# Snow Machine



## glenway (Mar 27, 2011)

Got my wish: snow! Couldn't wait for the storm to pass and fired up the Allis Chalmers for a little test run. As you may know, I restored the '56 tractor this summer and this is its first work effort.

No problem with this light stuff. Just plain fun! More on the way. Yippee!

Too bad Larry wouldn't bet. (He'd have lost anyway, cuz I had an ace up my sleeve.)


----------



## knapper (Feb 5, 2010)

Good to se you have it working for you earning its keep.


----------



## glenway (Mar 27, 2011)

Heck yeah!


----------



## youngdon (Mar 10, 2010)

I'm with knapper, It's great that you restored it, even greater that you use it the way a tractor should be used.


----------



## glenway (Mar 27, 2011)

If I had sold it or if I did not use it, I'd have to get another one to do the job. Yup. It's my snowplow and it needs some exercise just like the rest of us. Things go bad just sitting around.


----------



## Mo Mo (Sep 16, 2016)

Nice tractor GW. I am envious of the snow for sure! It's been warm here in Colorado. We haven't had a good snow on the front range yet.


----------



## pokeyjeeper (Sep 5, 2013)

Good to see her working thanks for sharing


----------



## Larry (Dec 2, 2010)

Looks good Glen! Nice toy indeed!


----------



## hassell (Feb 9, 2010)

`Great pic., how does the front tires work out when steering - maybe a chain on 1 !!


----------



## glenway (Mar 27, 2011)

No issues with the front tires. In fact, the steering has never been so good after the steering box was repaired during the summer work. Any chains would seem to mess it up, because the snow actually makes it more effortless - almost like power steering. That heavy 6-foot plow and mount cantilevered over the wheels applies a lot of down pressure. Couldn't be happier with it as is.

But, looking out the window this morning, the rig's gonna get a good workout today. I don't know how much snow fell but there's a lot more than when that picture was taken yesterday afternoon.

Got a call from a friend who wants to go deer hunting at my place tomorrow. Should be a real adventure; this is the stuff I live and work for.

Thanks for the uplifting comments, men.


----------



## prairiewolf (Feb 19, 2012)

Who needs a snow blower, lol Great pic Glen, we still havent gotten any snow.
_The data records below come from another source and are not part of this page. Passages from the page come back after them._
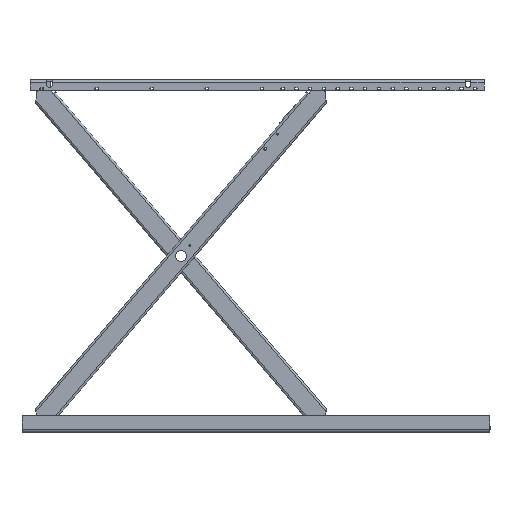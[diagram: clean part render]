
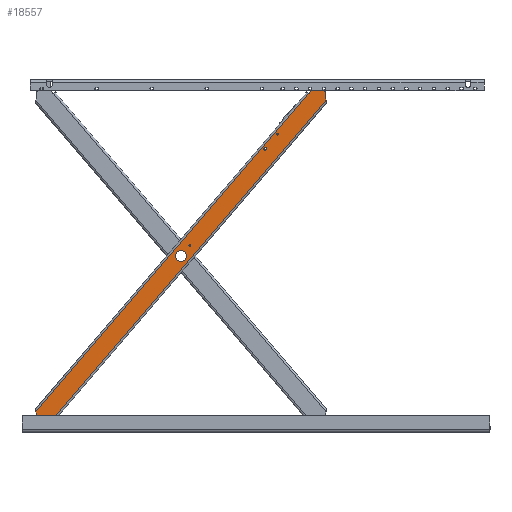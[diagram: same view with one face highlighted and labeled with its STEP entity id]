
A CAD part, front view. The second image highlights one B-rep face of the part: STEP entity #18557.
In plain terms, the highlighted planar face has unit normal (-0.001, -1, 0) as drawn and (1, 0, 0) by its records, which use the part's own axes.
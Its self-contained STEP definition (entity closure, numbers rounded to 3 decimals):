
#543=FACE_BOUND('',#3119,.T.);
#544=FACE_BOUND('',#3120,.T.);
#545=FACE_BOUND('',#3121,.T.);
#546=FACE_BOUND('',#3122,.T.);
#547=FACE_BOUND('',#3123,.T.);
#548=FACE_BOUND('',#3124,.T.);
#1020=PLANE('',#20558);
#1922=FACE_OUTER_BOUND('',#3118,.T.);
#3118=EDGE_LOOP('',(#16560,#16561,#16562,#16563,#16564,#16565,#16566,#16567,
#16568,#16569,#16570,#16571,#16572,#16573));
#3119=EDGE_LOOP('',(#16574));
#3120=EDGE_LOOP('',(#16575));
#3121=EDGE_LOOP('',(#16576));
#3122=EDGE_LOOP('',(#16577));
#3123=EDGE_LOOP('',(#16578));
#3124=EDGE_LOOP('',(#16579));
#4764=LINE('',#31413,#6422);
#4767=LINE('',#31427,#6425);
#4768=LINE('',#31431,#6426);
#4769=LINE('',#31435,#6427);
#4770=LINE('',#31437,#6428);
#4771=LINE('',#31441,#6429);
#4772=LINE('',#31445,#6430);
#4773=LINE('',#31448,#6431);
#6422=VECTOR('',#25665,10.);
#6425=VECTOR('',#25680,10.);
#6426=VECTOR('',#25683,10.);
#6427=VECTOR('',#25686,10.);
#6428=VECTOR('',#25687,10.);
#6429=VECTOR('',#25690,10.);
#6430=VECTOR('',#25693,10.);
#6431=VECTOR('',#25696,10.);
#7417=CIRCLE('',#20556,5.);
#7419=CIRCLE('',#20559,5.);
#7420=CIRCLE('',#20560,5.);
#7421=CIRCLE('',#20561,5.);
#7422=CIRCLE('',#20562,5.);
#7423=CIRCLE('',#20563,5.);
#7424=CIRCLE('',#20564,5.1);
#7425=CIRCLE('',#20565,3.7);
#7426=CIRCLE('',#20566,3.7);
#7427=CIRCLE('',#20567,5.1);
#7428=CIRCLE('',#20568,5.1);
#7429=CIRCLE('',#20569,20.);
#9081=VERTEX_POINT('',#31410);
#9082=VERTEX_POINT('',#31412);
#9085=VERTEX_POINT('',#31420);
#9087=VERTEX_POINT('',#31426);
#9088=VERTEX_POINT('',#31428);
#9089=VERTEX_POINT('',#31430);
#9090=VERTEX_POINT('',#31432);
#9091=VERTEX_POINT('',#31434);
#9092=VERTEX_POINT('',#31436);
#9093=VERTEX_POINT('',#31438);
#9094=VERTEX_POINT('',#31440);
#9095=VERTEX_POINT('',#31442);
#9096=VERTEX_POINT('',#31444);
#9097=VERTEX_POINT('',#31446);
#9098=VERTEX_POINT('',#31449);
#9099=VERTEX_POINT('',#31451);
#9100=VERTEX_POINT('',#31453);
#9101=VERTEX_POINT('',#31455);
#9102=VERTEX_POINT('',#31457);
#9103=VERTEX_POINT('',#31459);
#11621=EDGE_CURVE('',#9082,#9081,#4764,.T.);
#11625=EDGE_CURVE('',#9085,#9081,#7417,.T.);
#11628=EDGE_CURVE('',#9085,#9087,#4767,.T.);
#11629=EDGE_CURVE('',#9088,#9087,#7419,.T.);
#11630=EDGE_CURVE('',#9088,#9089,#4768,.T.);
#11631=EDGE_CURVE('',#9089,#9090,#7420,.F.);
#11632=EDGE_CURVE('',#9090,#9091,#4769,.T.);
#11633=EDGE_CURVE('',#9091,#9092,#4770,.T.);
#11634=EDGE_CURVE('',#9093,#9092,#7421,.T.);
#11635=EDGE_CURVE('',#9093,#9094,#4771,.T.);
#11636=EDGE_CURVE('',#9095,#9094,#7422,.T.);
#11637=EDGE_CURVE('',#9095,#9096,#4772,.T.);
#11638=EDGE_CURVE('',#9096,#9097,#7423,.F.);
#11639=EDGE_CURVE('',#9097,#9082,#4773,.T.);
#11640=EDGE_CURVE('',#9098,#9098,#7424,.T.);
#11641=EDGE_CURVE('',#9099,#9099,#7425,.T.);
#11642=EDGE_CURVE('',#9100,#9100,#7426,.T.);
#11643=EDGE_CURVE('',#9101,#9101,#7427,.T.);
#11644=EDGE_CURVE('',#9102,#9102,#7428,.T.);
#11645=EDGE_CURVE('',#9103,#9103,#7429,.T.);
#16560=ORIENTED_EDGE('',*,*,#11625,.F.);
#16561=ORIENTED_EDGE('',*,*,#11628,.T.);
#16562=ORIENTED_EDGE('',*,*,#11629,.F.);
#16563=ORIENTED_EDGE('',*,*,#11630,.T.);
#16564=ORIENTED_EDGE('',*,*,#11631,.T.);
#16565=ORIENTED_EDGE('',*,*,#11632,.T.);
#16566=ORIENTED_EDGE('',*,*,#11633,.T.);
#16567=ORIENTED_EDGE('',*,*,#11634,.F.);
#16568=ORIENTED_EDGE('',*,*,#11635,.T.);
#16569=ORIENTED_EDGE('',*,*,#11636,.F.);
#16570=ORIENTED_EDGE('',*,*,#11637,.T.);
#16571=ORIENTED_EDGE('',*,*,#11638,.T.);
#16572=ORIENTED_EDGE('',*,*,#11639,.T.);
#16573=ORIENTED_EDGE('',*,*,#11621,.T.);
#16574=ORIENTED_EDGE('',*,*,#11640,.T.);
#16575=ORIENTED_EDGE('',*,*,#11641,.T.);
#16576=ORIENTED_EDGE('',*,*,#11642,.T.);
#16577=ORIENTED_EDGE('',*,*,#11643,.T.);
#16578=ORIENTED_EDGE('',*,*,#11644,.T.);
#16579=ORIENTED_EDGE('',*,*,#11645,.T.);
#18557=ADVANCED_FACE('',(#1922,#543,#544,#545,#546,#547,#548),#1020,.T.);
#20556=AXIS2_PLACEMENT_3D('',#31421,#25673,#25674);
#20558=AXIS2_PLACEMENT_3D('',#31425,#25678,#25679);
#20559=AXIS2_PLACEMENT_3D('',#31429,#25681,#25682);
#20560=AXIS2_PLACEMENT_3D('',#31433,#25684,#25685);
#20561=AXIS2_PLACEMENT_3D('',#31439,#25688,#25689);
#20562=AXIS2_PLACEMENT_3D('',#31443,#25691,#25692);
#20563=AXIS2_PLACEMENT_3D('',#31447,#25694,#25695);
#20564=AXIS2_PLACEMENT_3D('',#31450,#25697,#25698);
#20565=AXIS2_PLACEMENT_3D('',#31452,#25699,#25700);
#20566=AXIS2_PLACEMENT_3D('',#31454,#25701,#25702);
#20567=AXIS2_PLACEMENT_3D('',#31456,#25703,#25704);
#20568=AXIS2_PLACEMENT_3D('',#31458,#25705,#25706);
#20569=AXIS2_PLACEMENT_3D('',#31460,#25707,#25708);
#25665=DIRECTION('',(0.,0.707,-0.707));
#25673=DIRECTION('center_axis',(-1.,0.,0.));
#25674=DIRECTION('ref_axis',(0.,-0.383,-0.924));
#25678=DIRECTION('center_axis',(1.,0.,0.));
#25679=DIRECTION('ref_axis',(0.,0.,-1.));
#25680=DIRECTION('',(0.,1.,0.));
#25681=DIRECTION('center_axis',(-1.,0.,0.));
#25682=DIRECTION('ref_axis',(0.,0.707,-0.707));
#25683=DIRECTION('',(0.,0.,1.));
#25684=DIRECTION('center_axis',(1.,0.,0.));
#25685=DIRECTION('ref_axis',(0.,-0.707,0.707));
#25686=DIRECTION('',(0.,0.,1.));
#25687=DIRECTION('',(0.,-0.707,0.707));
#25688=DIRECTION('center_axis',(-1.,0.,0.));
#25689=DIRECTION('ref_axis',(0.,0.383,0.924));
#25690=DIRECTION('',(0.,-1.,0.));
#25691=DIRECTION('center_axis',(-1.,0.,0.));
#25692=DIRECTION('ref_axis',(0.,-0.707,0.707));
#25693=DIRECTION('',(0.,0.,-1.));
#25694=DIRECTION('center_axis',(1.,0.,0.));
#25695=DIRECTION('ref_axis',(0.,0.707,-0.707));
#25696=DIRECTION('',(0.,0.,-1.));
#25697=DIRECTION('center_axis',(-1.,0.,0.));
#25698=DIRECTION('ref_axis',(0.,0.,-1.));
#25699=DIRECTION('center_axis',(-1.,0.,0.));
#25700=DIRECTION('ref_axis',(0.,0.,-1.));
#25701=DIRECTION('center_axis',(-1.,0.,0.));
#25702=DIRECTION('ref_axis',(0.,0.,-1.));
#25703=DIRECTION('center_axis',(-1.,0.,0.));
#25704=DIRECTION('ref_axis',(0.,0.,-1.));
#25705=DIRECTION('center_axis',(-1.,0.,0.));
#25706=DIRECTION('ref_axis',(0.,0.,-1.));
#25707=DIRECTION('center_axis',(-1.,0.,0.));
#25708=DIRECTION('ref_axis',(0.,0.,-1.));
#31410=CARTESIAN_POINT('',(20.,-11.464,-793.536));
#31412=CARTESIAN_POINT('',(20.,-32.,-773.));
#31413=CARTESIAN_POINT('',(20.,-198.25,-606.75));
#31420=CARTESIAN_POINT('',(20.,-7.929,-795.));
#31421=CARTESIAN_POINT('Origin',(20.,-7.929,-790.));
#31425=CARTESIAN_POINT('Origin',(20.,32.,0.));
#31426=CARTESIAN_POINT('',(20.,25.,-795.));
#31427=CARTESIAN_POINT('',(20.,32.,-795.));
#31428=CARTESIAN_POINT('',(20.,30.,-790.));
#31429=CARTESIAN_POINT('Origin',(20.,25.,-790.));
#31430=CARTESIAN_POINT('',(20.,30.,-755.));
#31431=CARTESIAN_POINT('',(20.,30.,-375.));
#31432=CARTESIAN_POINT('',(20.,32.,-751.));
#31433=CARTESIAN_POINT('Origin',(20.,35.,-755.));
#31434=CARTESIAN_POINT('',(20.,32.,773.));
#31435=CARTESIAN_POINT('',(20.,32.,0.));
#31436=CARTESIAN_POINT('',(20.,11.464,793.536));
#31437=CARTESIAN_POINT('',(20.,214.25,590.75));
#31438=CARTESIAN_POINT('',(20.,7.929,795.));
#31439=CARTESIAN_POINT('Origin',(20.,7.929,790.));
#31440=CARTESIAN_POINT('',(20.,-25.,795.));
#31441=CARTESIAN_POINT('',(20.,32.,795.));
#31442=CARTESIAN_POINT('',(20.,-30.,790.));
#31443=CARTESIAN_POINT('Origin',(20.,-25.,790.));
#31444=CARTESIAN_POINT('',(20.,-30.,755.));
#31445=CARTESIAN_POINT('',(20.,-30.,375.));
#31446=CARTESIAN_POINT('',(20.,-32.,751.));
#31447=CARTESIAN_POINT('Origin',(20.,-35.,755.));
#31448=CARTESIAN_POINT('',(20.,-32.,0.));
#31449=CARTESIAN_POINT('',(20.,21.,-500.1));
#31450=CARTESIAN_POINT('Origin',(20.,21.,-495.));
#31451=CARTESIAN_POINT('',(20.,0.,-53.7));
#31452=CARTESIAN_POINT('Origin',(20.,0.,-50.));
#31453=CARTESIAN_POINT('',(20.,21.,-568.7));
#31454=CARTESIAN_POINT('Origin',(20.,21.,-565.));
#31455=CARTESIAN_POINT('',(20.,17.,-790.1));
#31456=CARTESIAN_POINT('Origin',(20.,17.,-785.));
#31457=CARTESIAN_POINT('',(20.,-17.,779.9));
#31458=CARTESIAN_POINT('Origin',(20.,-17.,785.));
#31459=CARTESIAN_POINT('',(20.,0.,-20.));
#31460=CARTESIAN_POINT('Origin',(20.,0.,0.));

I have lived in the Az high country for 22+ yrs and this might be the first year with no snow for Christmas.


----------



## glenway (Mar 27, 2011)

We ended up with about 10 inches in this dose. Plowed out this morning.

Went out to check on things and glad I did. Some of the hub blinds collapsed but popped right back into shape after getting the snow off. Poked along and made some trails for tomorrow's hunt in the 6 WD International. That was fun, too.


----------